Leaving out all pictures, give again each line exactly, from the start of the listing through the line that contains "9.425), z_axis=(0.0, 0.0, 1.0), x_axis=(1.0, 0.0, 0.0)))".

▼▼▼

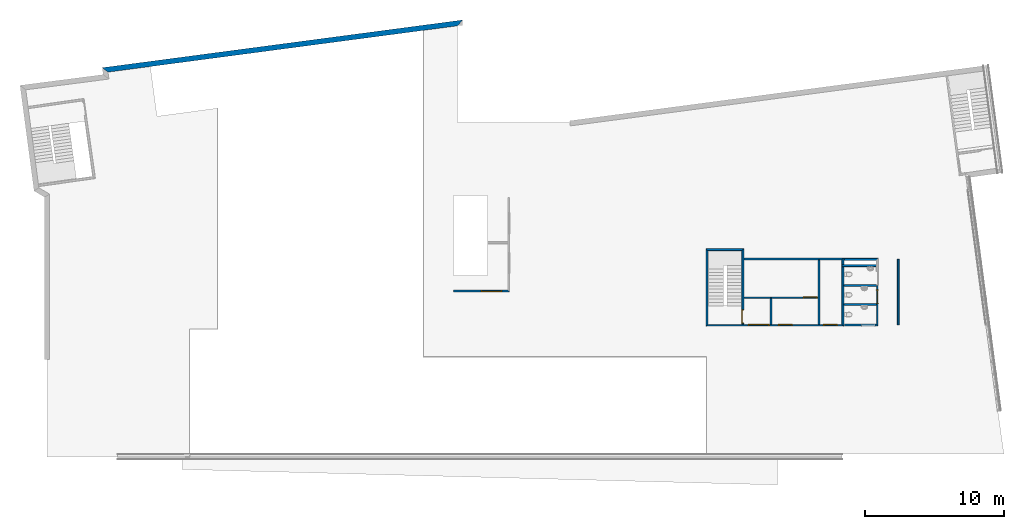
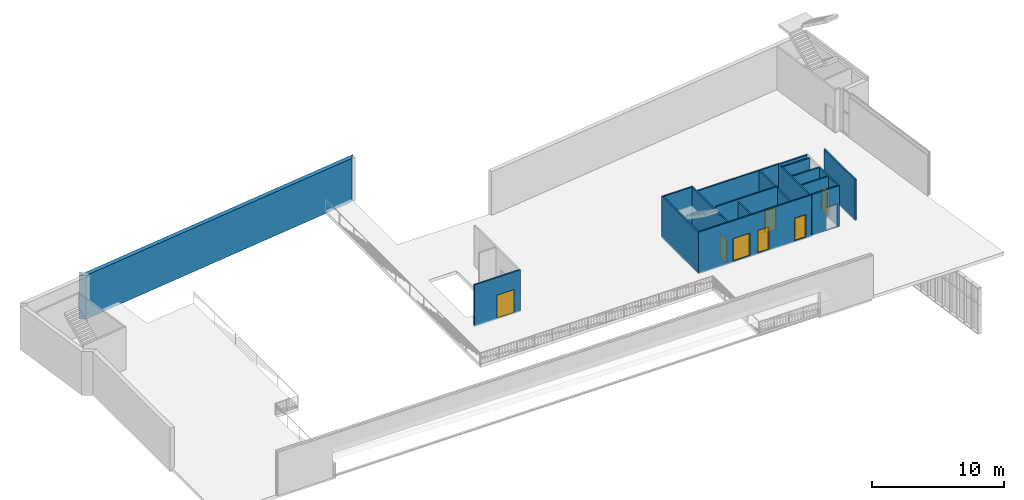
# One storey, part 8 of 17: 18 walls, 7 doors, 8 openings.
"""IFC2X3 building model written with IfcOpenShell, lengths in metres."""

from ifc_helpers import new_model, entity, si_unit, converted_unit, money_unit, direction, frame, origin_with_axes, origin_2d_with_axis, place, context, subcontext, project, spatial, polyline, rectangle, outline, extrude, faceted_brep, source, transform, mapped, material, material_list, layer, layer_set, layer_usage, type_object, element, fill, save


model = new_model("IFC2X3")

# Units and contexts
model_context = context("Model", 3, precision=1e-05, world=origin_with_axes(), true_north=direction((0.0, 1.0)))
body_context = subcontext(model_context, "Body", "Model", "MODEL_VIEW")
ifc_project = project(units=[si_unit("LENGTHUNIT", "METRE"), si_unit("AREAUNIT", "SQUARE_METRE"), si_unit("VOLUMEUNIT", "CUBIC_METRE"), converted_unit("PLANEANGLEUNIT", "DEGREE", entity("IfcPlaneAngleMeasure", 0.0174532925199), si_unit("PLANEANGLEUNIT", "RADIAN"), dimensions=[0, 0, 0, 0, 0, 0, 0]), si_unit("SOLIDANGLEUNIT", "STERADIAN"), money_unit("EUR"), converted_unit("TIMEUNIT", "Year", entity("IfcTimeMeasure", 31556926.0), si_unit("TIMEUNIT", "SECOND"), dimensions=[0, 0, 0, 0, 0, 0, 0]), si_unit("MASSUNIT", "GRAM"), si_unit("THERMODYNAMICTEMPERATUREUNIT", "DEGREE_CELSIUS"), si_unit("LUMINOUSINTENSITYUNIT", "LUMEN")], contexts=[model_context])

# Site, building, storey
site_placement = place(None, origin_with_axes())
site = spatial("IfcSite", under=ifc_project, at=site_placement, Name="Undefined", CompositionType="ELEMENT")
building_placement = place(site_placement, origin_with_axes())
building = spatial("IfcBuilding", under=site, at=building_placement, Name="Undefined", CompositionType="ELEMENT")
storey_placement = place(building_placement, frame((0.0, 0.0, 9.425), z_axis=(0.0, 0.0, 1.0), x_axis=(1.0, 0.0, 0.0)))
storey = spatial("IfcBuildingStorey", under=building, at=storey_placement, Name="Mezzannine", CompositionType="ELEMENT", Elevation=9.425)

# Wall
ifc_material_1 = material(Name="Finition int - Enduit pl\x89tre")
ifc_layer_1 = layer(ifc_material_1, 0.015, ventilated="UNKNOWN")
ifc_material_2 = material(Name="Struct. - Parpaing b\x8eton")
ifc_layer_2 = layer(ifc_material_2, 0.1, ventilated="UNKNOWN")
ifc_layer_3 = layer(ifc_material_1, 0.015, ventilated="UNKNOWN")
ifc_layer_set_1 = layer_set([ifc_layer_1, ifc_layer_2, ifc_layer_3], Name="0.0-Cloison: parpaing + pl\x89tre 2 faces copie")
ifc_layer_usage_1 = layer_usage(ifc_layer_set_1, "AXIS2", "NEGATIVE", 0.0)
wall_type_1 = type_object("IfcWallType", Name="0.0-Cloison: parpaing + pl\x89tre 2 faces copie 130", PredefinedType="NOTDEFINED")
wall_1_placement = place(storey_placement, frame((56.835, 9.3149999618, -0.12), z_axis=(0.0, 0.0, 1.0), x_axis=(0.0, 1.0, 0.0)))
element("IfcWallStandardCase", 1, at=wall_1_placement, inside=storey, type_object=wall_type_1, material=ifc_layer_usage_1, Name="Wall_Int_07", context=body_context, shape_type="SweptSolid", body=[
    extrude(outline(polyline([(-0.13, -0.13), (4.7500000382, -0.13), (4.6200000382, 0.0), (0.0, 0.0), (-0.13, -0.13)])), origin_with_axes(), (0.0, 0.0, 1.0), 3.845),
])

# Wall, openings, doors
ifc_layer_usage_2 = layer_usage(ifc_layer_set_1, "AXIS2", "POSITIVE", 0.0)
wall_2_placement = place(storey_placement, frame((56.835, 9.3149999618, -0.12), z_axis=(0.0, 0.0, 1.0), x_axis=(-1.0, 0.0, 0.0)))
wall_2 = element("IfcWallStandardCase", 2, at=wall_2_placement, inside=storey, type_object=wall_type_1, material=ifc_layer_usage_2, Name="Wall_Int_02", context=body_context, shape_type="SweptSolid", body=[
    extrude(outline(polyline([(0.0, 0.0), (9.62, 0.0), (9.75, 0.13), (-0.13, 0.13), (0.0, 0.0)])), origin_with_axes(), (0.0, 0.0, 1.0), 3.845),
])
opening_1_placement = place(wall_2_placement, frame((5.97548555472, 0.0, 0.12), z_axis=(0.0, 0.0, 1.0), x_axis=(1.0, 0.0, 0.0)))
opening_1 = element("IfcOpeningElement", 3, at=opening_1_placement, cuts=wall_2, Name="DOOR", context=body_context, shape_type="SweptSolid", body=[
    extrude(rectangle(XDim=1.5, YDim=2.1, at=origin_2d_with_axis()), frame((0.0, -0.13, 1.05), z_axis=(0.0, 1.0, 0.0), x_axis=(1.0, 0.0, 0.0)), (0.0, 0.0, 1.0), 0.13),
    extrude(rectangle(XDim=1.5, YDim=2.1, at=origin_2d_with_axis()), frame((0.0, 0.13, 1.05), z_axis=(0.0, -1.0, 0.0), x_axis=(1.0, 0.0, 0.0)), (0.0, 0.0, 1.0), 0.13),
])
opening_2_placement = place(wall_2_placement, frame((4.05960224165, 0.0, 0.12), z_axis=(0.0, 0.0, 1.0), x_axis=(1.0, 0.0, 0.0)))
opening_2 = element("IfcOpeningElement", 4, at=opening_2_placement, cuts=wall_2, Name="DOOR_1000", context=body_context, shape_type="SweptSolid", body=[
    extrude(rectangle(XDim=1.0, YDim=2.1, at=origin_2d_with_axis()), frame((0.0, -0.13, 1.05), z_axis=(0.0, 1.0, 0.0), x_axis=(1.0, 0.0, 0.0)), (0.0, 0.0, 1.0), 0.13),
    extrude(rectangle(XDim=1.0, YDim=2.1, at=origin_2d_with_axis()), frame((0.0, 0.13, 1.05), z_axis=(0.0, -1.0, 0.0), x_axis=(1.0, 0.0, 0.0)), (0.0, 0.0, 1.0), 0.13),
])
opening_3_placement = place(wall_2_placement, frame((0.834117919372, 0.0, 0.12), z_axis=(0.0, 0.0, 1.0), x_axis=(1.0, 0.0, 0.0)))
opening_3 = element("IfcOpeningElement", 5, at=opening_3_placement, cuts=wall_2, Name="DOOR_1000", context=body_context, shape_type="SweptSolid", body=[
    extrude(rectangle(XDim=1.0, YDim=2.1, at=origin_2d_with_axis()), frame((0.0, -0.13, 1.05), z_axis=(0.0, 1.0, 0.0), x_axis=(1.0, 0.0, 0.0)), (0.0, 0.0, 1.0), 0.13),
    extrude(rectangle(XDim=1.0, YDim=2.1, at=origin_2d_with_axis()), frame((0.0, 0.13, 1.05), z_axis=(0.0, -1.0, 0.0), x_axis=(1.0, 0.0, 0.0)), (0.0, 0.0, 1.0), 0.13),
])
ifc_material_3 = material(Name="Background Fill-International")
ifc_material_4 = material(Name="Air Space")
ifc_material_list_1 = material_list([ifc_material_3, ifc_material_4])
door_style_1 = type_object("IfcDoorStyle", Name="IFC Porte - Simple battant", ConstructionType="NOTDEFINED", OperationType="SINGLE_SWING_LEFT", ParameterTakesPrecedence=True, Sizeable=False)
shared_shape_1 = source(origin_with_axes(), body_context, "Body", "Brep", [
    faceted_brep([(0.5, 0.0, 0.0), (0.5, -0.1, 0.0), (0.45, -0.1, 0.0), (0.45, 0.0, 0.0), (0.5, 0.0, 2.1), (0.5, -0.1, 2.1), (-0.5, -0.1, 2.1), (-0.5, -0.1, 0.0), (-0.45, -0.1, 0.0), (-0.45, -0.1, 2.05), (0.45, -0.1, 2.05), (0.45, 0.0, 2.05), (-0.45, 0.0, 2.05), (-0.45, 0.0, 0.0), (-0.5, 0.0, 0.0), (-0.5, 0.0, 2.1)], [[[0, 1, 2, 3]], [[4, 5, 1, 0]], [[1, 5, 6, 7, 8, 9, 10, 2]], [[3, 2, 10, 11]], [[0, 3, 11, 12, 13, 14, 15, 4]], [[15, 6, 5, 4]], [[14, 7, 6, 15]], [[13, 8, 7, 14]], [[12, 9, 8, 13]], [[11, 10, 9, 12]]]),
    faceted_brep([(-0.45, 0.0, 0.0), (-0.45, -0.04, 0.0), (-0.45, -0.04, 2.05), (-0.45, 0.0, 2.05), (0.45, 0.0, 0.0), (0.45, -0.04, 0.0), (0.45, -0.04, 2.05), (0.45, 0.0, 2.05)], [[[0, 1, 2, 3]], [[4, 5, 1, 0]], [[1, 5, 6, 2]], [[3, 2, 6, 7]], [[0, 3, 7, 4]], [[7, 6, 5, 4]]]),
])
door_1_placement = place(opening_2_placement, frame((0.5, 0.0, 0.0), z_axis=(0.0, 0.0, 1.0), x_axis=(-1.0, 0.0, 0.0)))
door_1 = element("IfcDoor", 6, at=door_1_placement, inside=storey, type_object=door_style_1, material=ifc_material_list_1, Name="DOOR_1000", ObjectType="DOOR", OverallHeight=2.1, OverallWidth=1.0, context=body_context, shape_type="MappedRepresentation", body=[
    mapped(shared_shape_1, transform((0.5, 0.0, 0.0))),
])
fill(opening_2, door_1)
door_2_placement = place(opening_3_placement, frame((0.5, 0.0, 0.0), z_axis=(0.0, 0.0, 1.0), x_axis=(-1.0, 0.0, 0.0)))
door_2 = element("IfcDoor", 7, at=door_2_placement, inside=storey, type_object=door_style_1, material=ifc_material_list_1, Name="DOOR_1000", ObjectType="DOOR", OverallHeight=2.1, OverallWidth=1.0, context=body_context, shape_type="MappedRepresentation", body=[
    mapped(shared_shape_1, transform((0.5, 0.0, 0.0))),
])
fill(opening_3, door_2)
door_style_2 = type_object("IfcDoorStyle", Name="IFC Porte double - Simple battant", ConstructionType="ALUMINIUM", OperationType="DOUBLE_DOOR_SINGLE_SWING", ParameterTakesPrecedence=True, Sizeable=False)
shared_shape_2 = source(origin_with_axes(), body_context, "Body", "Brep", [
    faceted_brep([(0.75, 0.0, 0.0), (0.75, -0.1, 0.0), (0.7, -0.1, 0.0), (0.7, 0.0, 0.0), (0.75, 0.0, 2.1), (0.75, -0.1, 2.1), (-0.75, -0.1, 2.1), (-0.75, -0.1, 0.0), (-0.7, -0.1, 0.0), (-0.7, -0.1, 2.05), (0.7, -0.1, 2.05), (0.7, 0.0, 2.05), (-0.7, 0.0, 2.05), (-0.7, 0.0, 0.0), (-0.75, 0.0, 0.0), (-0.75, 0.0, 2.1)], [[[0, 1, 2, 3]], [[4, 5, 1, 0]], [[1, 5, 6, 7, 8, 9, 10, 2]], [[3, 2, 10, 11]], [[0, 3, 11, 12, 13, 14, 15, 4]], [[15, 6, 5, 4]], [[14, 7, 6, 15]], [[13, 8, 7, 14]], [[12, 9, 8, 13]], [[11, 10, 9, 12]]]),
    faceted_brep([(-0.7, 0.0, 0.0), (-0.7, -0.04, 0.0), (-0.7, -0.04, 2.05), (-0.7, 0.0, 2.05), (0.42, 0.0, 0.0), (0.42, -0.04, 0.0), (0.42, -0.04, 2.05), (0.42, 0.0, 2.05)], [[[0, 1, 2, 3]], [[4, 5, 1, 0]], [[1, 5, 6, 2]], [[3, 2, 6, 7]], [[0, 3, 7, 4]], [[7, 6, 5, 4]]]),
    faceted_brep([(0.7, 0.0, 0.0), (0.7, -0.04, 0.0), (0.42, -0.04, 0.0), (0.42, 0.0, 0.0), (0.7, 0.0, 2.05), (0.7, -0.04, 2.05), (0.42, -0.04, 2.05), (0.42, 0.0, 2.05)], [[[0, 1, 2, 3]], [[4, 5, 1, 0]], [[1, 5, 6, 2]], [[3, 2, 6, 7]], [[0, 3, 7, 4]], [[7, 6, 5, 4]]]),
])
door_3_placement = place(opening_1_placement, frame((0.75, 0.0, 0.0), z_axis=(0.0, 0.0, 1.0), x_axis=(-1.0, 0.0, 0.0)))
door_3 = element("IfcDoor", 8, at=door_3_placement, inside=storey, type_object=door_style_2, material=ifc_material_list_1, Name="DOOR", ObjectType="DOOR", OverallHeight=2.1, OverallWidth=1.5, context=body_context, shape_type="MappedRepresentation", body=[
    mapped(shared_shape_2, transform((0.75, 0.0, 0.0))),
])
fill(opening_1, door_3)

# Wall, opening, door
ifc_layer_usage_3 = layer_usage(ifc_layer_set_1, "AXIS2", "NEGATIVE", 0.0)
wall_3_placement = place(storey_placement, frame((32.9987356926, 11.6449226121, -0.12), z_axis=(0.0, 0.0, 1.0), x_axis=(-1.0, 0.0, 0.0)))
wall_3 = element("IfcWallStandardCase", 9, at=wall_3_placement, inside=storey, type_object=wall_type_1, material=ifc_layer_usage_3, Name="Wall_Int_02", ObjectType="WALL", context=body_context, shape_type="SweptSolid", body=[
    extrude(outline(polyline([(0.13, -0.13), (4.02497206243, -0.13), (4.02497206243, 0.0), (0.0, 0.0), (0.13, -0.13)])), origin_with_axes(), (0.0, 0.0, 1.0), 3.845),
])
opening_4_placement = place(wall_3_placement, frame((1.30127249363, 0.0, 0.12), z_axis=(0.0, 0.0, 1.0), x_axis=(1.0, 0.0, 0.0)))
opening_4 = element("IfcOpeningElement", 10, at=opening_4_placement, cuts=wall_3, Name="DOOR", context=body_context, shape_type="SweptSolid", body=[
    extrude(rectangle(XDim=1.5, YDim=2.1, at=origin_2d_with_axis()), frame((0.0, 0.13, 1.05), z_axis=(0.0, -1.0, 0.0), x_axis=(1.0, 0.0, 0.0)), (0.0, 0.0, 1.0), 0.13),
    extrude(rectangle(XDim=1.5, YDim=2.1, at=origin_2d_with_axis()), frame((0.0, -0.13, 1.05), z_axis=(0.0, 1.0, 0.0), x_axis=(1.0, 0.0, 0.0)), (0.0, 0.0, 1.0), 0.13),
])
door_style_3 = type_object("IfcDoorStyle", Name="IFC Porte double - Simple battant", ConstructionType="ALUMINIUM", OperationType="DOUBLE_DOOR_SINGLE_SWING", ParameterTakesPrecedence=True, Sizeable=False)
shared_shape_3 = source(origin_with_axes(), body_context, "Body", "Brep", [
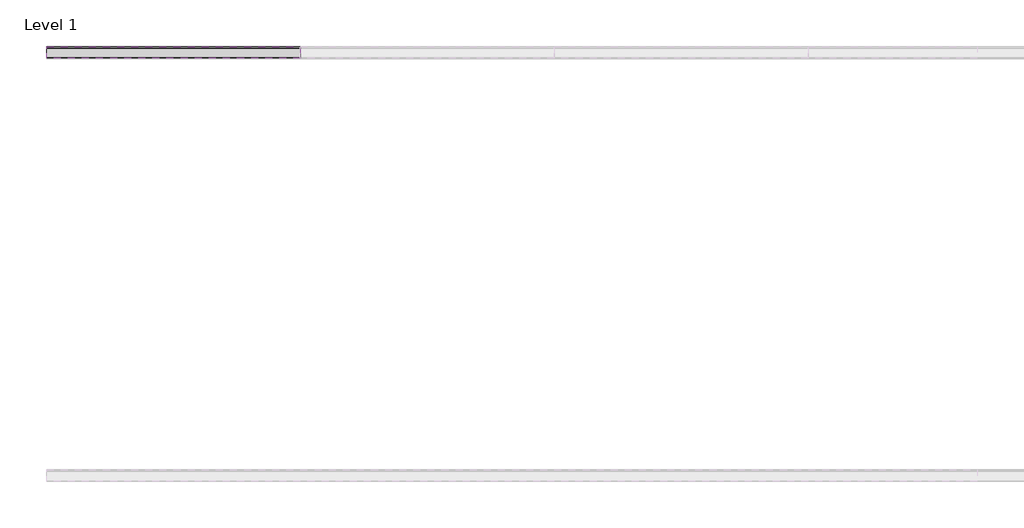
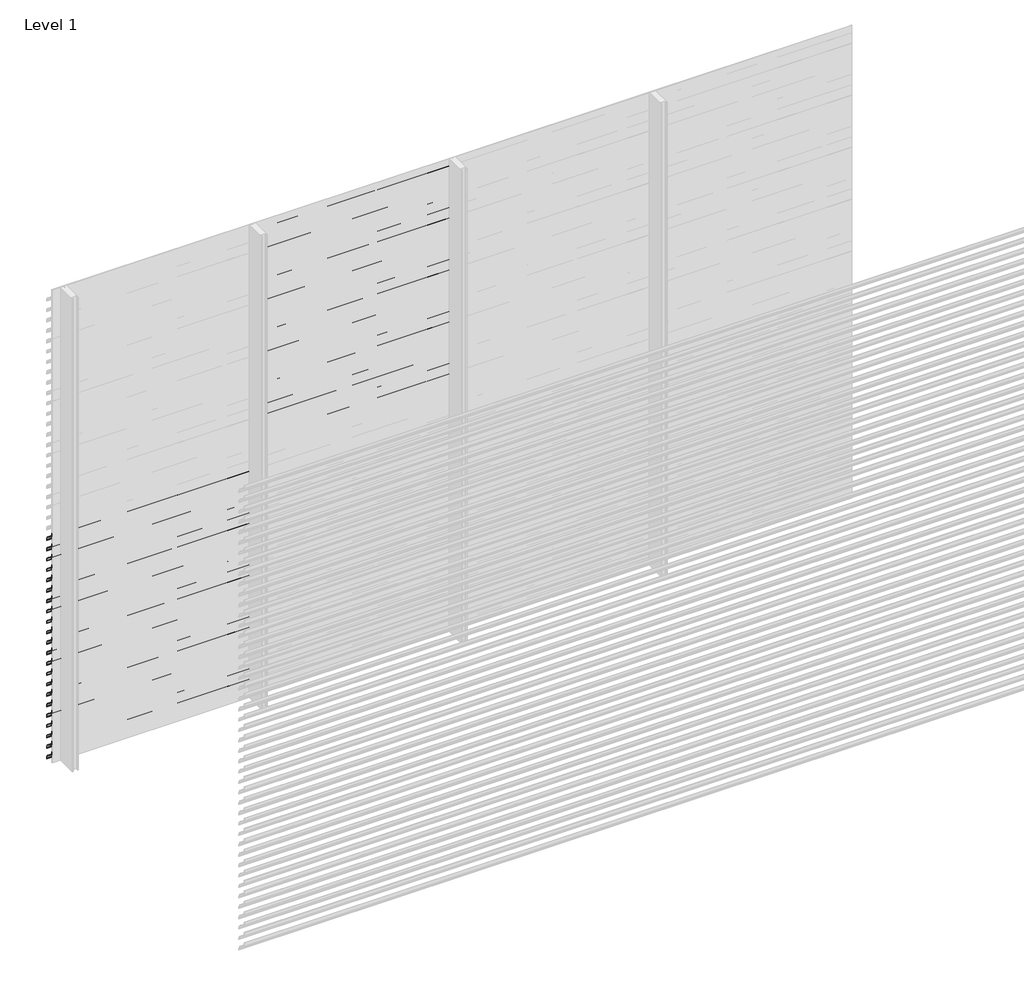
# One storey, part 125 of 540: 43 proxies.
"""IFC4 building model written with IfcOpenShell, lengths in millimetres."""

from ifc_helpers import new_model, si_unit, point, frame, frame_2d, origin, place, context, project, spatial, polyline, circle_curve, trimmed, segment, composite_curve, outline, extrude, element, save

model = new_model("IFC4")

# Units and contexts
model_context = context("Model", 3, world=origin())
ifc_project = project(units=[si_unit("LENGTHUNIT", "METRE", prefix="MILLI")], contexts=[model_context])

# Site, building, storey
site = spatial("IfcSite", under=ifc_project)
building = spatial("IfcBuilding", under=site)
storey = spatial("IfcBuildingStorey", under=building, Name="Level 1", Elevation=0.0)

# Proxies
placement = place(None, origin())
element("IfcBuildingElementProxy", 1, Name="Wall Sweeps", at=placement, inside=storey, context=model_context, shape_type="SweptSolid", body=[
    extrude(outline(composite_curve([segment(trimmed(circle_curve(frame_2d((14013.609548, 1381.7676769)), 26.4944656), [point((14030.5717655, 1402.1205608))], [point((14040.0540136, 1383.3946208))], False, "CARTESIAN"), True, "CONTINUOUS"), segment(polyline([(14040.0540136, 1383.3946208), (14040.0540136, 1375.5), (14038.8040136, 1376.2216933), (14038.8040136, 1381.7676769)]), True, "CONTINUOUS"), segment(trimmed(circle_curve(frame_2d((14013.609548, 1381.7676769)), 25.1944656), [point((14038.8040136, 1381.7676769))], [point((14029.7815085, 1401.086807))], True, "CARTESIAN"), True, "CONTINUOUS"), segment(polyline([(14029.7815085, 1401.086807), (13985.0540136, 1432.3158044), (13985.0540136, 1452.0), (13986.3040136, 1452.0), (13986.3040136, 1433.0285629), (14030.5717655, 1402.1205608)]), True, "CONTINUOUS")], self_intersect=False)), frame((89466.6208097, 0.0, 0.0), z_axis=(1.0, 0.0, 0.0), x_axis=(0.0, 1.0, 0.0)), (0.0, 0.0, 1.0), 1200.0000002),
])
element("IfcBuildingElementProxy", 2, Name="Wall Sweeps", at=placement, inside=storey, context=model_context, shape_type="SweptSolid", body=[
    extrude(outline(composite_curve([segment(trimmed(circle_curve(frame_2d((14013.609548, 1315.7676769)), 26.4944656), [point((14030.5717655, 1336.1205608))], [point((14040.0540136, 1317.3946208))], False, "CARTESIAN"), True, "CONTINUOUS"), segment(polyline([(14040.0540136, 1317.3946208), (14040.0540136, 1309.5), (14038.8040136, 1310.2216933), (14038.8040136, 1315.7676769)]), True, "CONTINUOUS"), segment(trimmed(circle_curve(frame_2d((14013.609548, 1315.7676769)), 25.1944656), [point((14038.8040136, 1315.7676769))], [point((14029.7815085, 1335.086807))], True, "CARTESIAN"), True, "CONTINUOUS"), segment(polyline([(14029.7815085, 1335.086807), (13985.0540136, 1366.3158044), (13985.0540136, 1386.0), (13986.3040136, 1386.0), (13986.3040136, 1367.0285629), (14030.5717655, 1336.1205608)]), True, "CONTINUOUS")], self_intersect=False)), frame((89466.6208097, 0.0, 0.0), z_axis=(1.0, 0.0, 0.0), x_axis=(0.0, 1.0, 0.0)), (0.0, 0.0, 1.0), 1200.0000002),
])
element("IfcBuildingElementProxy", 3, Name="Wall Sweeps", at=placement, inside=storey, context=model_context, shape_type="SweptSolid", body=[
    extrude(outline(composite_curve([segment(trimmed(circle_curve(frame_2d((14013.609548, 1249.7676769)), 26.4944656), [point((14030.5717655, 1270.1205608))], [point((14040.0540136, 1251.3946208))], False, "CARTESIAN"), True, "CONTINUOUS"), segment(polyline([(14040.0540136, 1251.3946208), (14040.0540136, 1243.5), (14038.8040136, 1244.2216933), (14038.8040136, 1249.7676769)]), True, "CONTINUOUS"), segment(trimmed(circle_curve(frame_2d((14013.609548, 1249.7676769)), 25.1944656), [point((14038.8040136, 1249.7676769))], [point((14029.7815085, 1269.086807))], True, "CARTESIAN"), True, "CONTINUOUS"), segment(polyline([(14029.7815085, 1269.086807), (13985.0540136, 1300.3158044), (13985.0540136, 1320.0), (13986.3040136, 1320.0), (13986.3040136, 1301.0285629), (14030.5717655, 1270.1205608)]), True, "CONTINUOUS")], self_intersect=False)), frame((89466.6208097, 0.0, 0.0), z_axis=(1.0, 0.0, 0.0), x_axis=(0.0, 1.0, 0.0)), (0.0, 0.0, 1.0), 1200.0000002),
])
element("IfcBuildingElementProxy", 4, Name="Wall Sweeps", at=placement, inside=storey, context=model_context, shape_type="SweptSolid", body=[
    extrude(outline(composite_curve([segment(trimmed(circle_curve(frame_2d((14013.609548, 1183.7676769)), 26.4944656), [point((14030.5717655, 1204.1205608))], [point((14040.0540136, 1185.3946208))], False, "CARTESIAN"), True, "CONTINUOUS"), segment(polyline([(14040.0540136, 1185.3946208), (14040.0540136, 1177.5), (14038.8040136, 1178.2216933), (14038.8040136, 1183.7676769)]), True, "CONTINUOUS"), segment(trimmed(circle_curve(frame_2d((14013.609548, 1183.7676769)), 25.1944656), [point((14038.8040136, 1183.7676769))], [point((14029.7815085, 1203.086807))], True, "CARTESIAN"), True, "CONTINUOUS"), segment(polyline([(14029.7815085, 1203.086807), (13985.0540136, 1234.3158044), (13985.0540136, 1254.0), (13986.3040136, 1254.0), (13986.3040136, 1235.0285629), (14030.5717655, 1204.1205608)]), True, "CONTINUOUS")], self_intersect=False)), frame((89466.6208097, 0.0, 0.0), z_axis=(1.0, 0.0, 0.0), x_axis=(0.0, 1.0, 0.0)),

▲▲▲

▸ **Result**
# One storey, part 8 of 17: 18 walls, 7 doors, 8 openings.
"""IFC2X3 building model written with IfcOpenShell, lengths in metres."""

from ifc_helpers import new_model, entity, si_unit, converted_unit, money_unit, direction, frame, origin_with_axes, origin_2d_with_axis, place, context, subcontext, project, spatial, polyline, rectangle, outline, extrude, faceted_brep, source, transform, mapped, material, material_list, layer, layer_set, layer_usage, type_object, element, fill, save


model = new_model("IFC2X3")

# Units and contexts
model_context = context("Model", 3, precision=1e-05, world=origin_with_axes(), true_north=direction((0.0, 1.0)))
body_context = subcontext(model_context, "Body", "Model", "MODEL_VIEW")
ifc_project = project(units=[si_unit("LENGTHUNIT", "METRE"), si_unit("AREAUNIT", "SQUARE_METRE"), si_unit("VOLUMEUNIT", "CUBIC_METRE"), converted_unit("PLANEANGLEUNIT", "DEGREE", entity("IfcPlaneAngleMeasure", 0.0174532925199), si_unit("PLANEANGLEUNIT", "RADIAN"), dimensions=[0, 0, 0, 0, 0, 0, 0]), si_unit("SOLIDANGLEUNIT", "STERADIAN"), money_unit("EUR"), converted_unit("TIMEUNIT", "Year", entity("IfcTimeMeasure", 31556926.0), si_unit("TIMEUNIT", "SECOND"), dimensions=[0, 0, 0, 0, 0, 0, 0]), si_unit("MASSUNIT", "GRAM"), si_unit("THERMODYNAMICTEMPERATUREUNIT", "DEGREE_CELSIUS"), si_unit("LUMINOUSINTENSITYUNIT", "LUMEN")], contexts=[model_context])

# Site, building, storey
site_placement = place(None, origin_with_axes())
site = spatial("IfcSite", under=ifc_project, at=site_placement, Name="Undefined", CompositionType="ELEMENT")
building_placement = place(site_placement, origin_with_axes())
building = spatial("IfcBuilding", under=site, at=building_placement, Name="Undefined", CompositionType="ELEMENT")
storey_placement = place(building_placement, frame((0.0, 0.0, 9.425), z_axis=(0.0, 0.0, 1.0), x_axis=(1.0, 0.0, 0.0)))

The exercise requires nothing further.